In December 2000, the Advisory Committee on Immunization Practices (ACIP) released its recommendations for using anthrax vaccine in the United States (1). Because of recent terrorist attacks involving the intentional exposure of U.S. civilians to Bacillus anthracis spores and concerns that the current anthrax vaccine supply is limited, ACIP developed supplemental recommendations on using anthrax vaccine in response to terrorism. These recommendations supplement the previous ACIP statement in three areas: use of anthrax vaccine for pre-exposure vaccination in the U.S. civilian population, the prevention of anthrax by postexposure prophylaxis (PEP), and recommendations for additional research related to using antimicrobial agents and anthrax vaccine for preventing anthrax.

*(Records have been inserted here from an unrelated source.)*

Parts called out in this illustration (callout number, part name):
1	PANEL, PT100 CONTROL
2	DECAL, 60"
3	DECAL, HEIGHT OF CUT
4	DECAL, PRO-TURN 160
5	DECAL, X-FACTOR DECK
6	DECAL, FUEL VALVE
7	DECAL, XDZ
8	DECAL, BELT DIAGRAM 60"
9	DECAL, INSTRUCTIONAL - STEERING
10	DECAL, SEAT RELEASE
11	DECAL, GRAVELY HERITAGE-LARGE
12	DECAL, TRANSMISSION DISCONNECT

Use of Anthrax Vaccine for Pre-Exposure Vaccination

In December 2001, the U.S. Department of Health and Human Services obtained a limited supply of anthrax vaccine (BioThrax [formerly Anthrax Vaccine Adsorbed (AVA)], BioPort, Lansing, Michigan), allowing ACIP to reconsider using anthrax vaccine in the U.S. civilian population. ACIP reaffirms that pre-exposure use of anthrax vaccine should be based on a quantifiable risk for exposure (1). ACIP recommends that groups at risk for repeated exposures to B. anthracis spores should be given priority for pre-exposure vaccination. Groups at risk for repeated exposure include laboratory personnel handling environmental specimens (especially powders) and performing confirmatory testing for B. anthracis in the U.S. Laboratory Response Network (LRN) for Bioterrorism Level B laboratories or above, workers who will be making repeated entries into known B. anthracis-spore--contaminated areas after a terrorist attack (2), and workers in other settings in which repeated exposure to aerosolized B. anthracis spores might occur. Laboratory workers using standard Biosafety Level 2 practices in the routine processing of clinical samples or environmental swabs (Level A laboratories [3]) are not considered by ACIP to be at increased risk for exposure to B. anthracis spores.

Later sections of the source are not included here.